Check Out the New South Terminal of the 95th Street Stop
On Sunday city officials heralded the latest milestone in the $280 reconstruction of the CTA’s 95th/Dan Ryan station, the opening of the new south terminal. The reconstruction project is replacing the existing station, which opened in 1969, with two new terminals that will straddle both sides of 95th Street. The north terminal will replace the existing station, which went out of service yesterday to accommodate the construction project. The new station will be twice the size of the old one after the north terminal opens, and it will have a pedestrian bridge over 95th to connect the two terminals.
Located in Roseland on the Far South Side, the 95th Street station is the current southern endpoint of the Red Line, although the CTA hopes to extend the route to 130th. With 9,535 riders on an average weekday, according to the most recent CTA ridership report in December 2017, 95th is the ninth-busiest station in the ‘L’ system. The facility is also a major bus terminal serving 12 CTA and 5 Pace bus routes. Intercity bus routes stop there as well.

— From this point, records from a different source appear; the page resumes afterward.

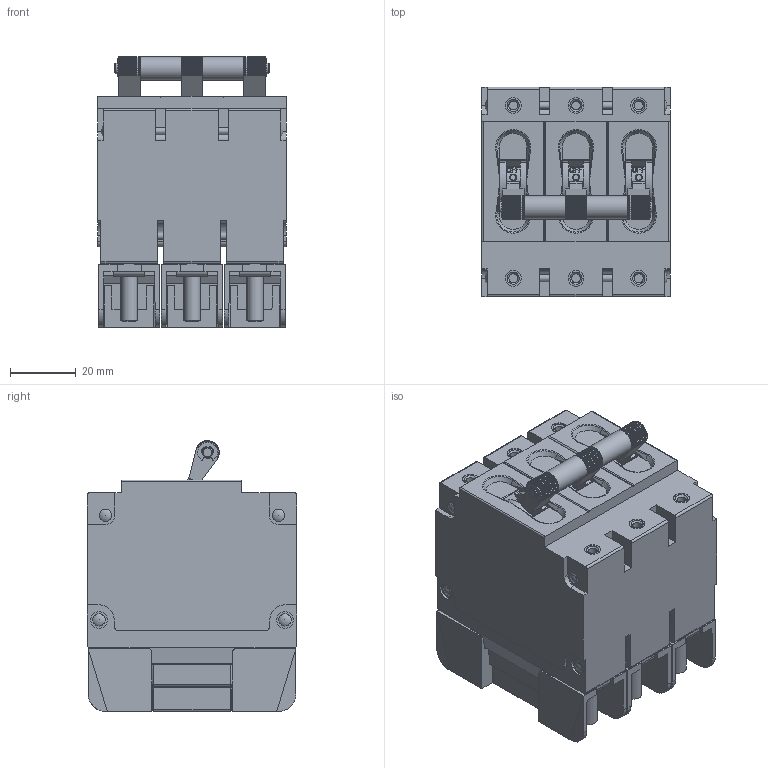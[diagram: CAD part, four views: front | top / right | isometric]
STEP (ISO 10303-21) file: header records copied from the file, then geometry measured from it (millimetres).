
FILE_DESCRIPTION(/* description */ (''),/* implementation_level */ '2;1');
FILE_NAME(/* name */ 'I:\TI\Bibliotheek\Inventor\Panelen\Circuit breaker\Overige\cr3-with-auxiliary-switch-cover-and-shrouds-on-terminals-pole-auxiliary-contact.stp',/* time_stamp */ '2023-01-11T10:40:17+01:00',/* author */ ('NBinnendijk'),/* organization */ (''),/* preprocessor_version */ 'ST-DEVELOPER v18.1',/* originating_system */ 'Autodesk Inventor 2022',/* authorisation */ '');
FILE_SCHEMA (('AUTOMOTIVE_DESIGN { 1 0 10303 214 3 1 1 }'));
Products named in the file (1): cr3-with-auxiliary-switch-cover-and-shrouds-on-terminals-pole-auxilia
ry-contact
Bounding box: 57.15 x 63.5 x 82.12 mm (x, y, z)
Volume: 195085.5 mm3; surface area: 49514.7 mm2
Topology: 5 solids, 6 shells, 1884 faces, 5210 edges, 3411 vertices
Faces by surface type: plane 1286, cylinder 520, cone 32, bspline 18, sphere 16, torus 12
Full cylindrical faces by diameter (mm): 1.321 x3, 1.651 x3, 2.032 x3, 2.21 x4, 2.337 x6, 2.413 x3, 2.54 x6, 2.692 x6, 3.175 x5, 3.2 x3, 4.826 x6, 5 x6, 5.08 x12, 5.334 x6, 6.502 x6, 7.112 x1
Entity records: 64721 total; most frequent: CARTESIAN_POINT 13239, DIRECTION 10550, ORIENTED_EDGE 10404, EDGE_CURVE 5202, AXIS2_PLACEMENT_3D 3647, VERTEX_POINT 3410, LINE 3256, VECTOR 3256

A who’s who of local politicians showed up for Sunday’s ribbon-cutting, including Mayor Rahm Emanuel, South Side Congressman Bobby Rush, 9th Ward aldermen and City Council transportation chair Anthony Beale, 21st Ward alderman Howard Brookins, Jr., and 34th Ward alderman Carrie M. Austin. Also in attendance were community leaders like Michael LaFargue from the Red Line Extension Coalition and West Chesterfield Community Association, Harlan High principal Ramona Outlaw Fanning, Gillespie Elementary principal Michelle Willis, and Deloris Lucas, leader of the Far South bike group We Keep You Rollin’. Many attendees wore red to celebrate the occasion, and CTA staffers passed out red balloons.
The south terminal has brighter lighting and more window space than the old building, which is intended to make the terminal feel more secure and cheerful. The terminal also features more space between bus stops, and some routes have separate drop-off and pickup points. There are also individual shelters at each stop in the terminal with benches and winter heat lamps. In addition, there’s a dedicated drop-off area for paratransit riders.
I did notice a couple of issues with the new south terminal. Currently about half of the bus routes serving this station board at a temporary stop on State Street next to the new building and, unlike at the old station, the bus shelters aren’t heated. This temporary stop serves most of the Pace routes, as well as the CTA East 103rd and West 103rd routes and Greyhound lines.
There’s currently a lot less available bike parking than before the old station closed. The old station had double-decker bike racks inside the “paid” area, with slots for 32 bikes, but the south terminal only has four “inverted U” racks installed outside, with space for only eight bikes. Moreover, unlike the old fixtures, these racks are exposed to the elements, and they will be more susceptible to theft because they’re not in a limited-access area.
Last summer the CTA promised that the new station will include “an equal or greater number of bike racks,” but it’s a shame that three-quarters of the bike spots have been eliminated just as peak biking season is about to kick in. Imagine the outcry there would be from motorists if the same ratio of car parking spaces were eliminated at a transit station as part of a rehab project.
But overall the new south terminal is a nice addition to the area, that will get even better after its northern counterpart opens. Hopefully the brand 95th Street new station will help build momentum for federal and state funding for the CTA’s proposed $2.3 billion extension of the Red Line south to 130th Street, which the agency hopes to start work on in 2022.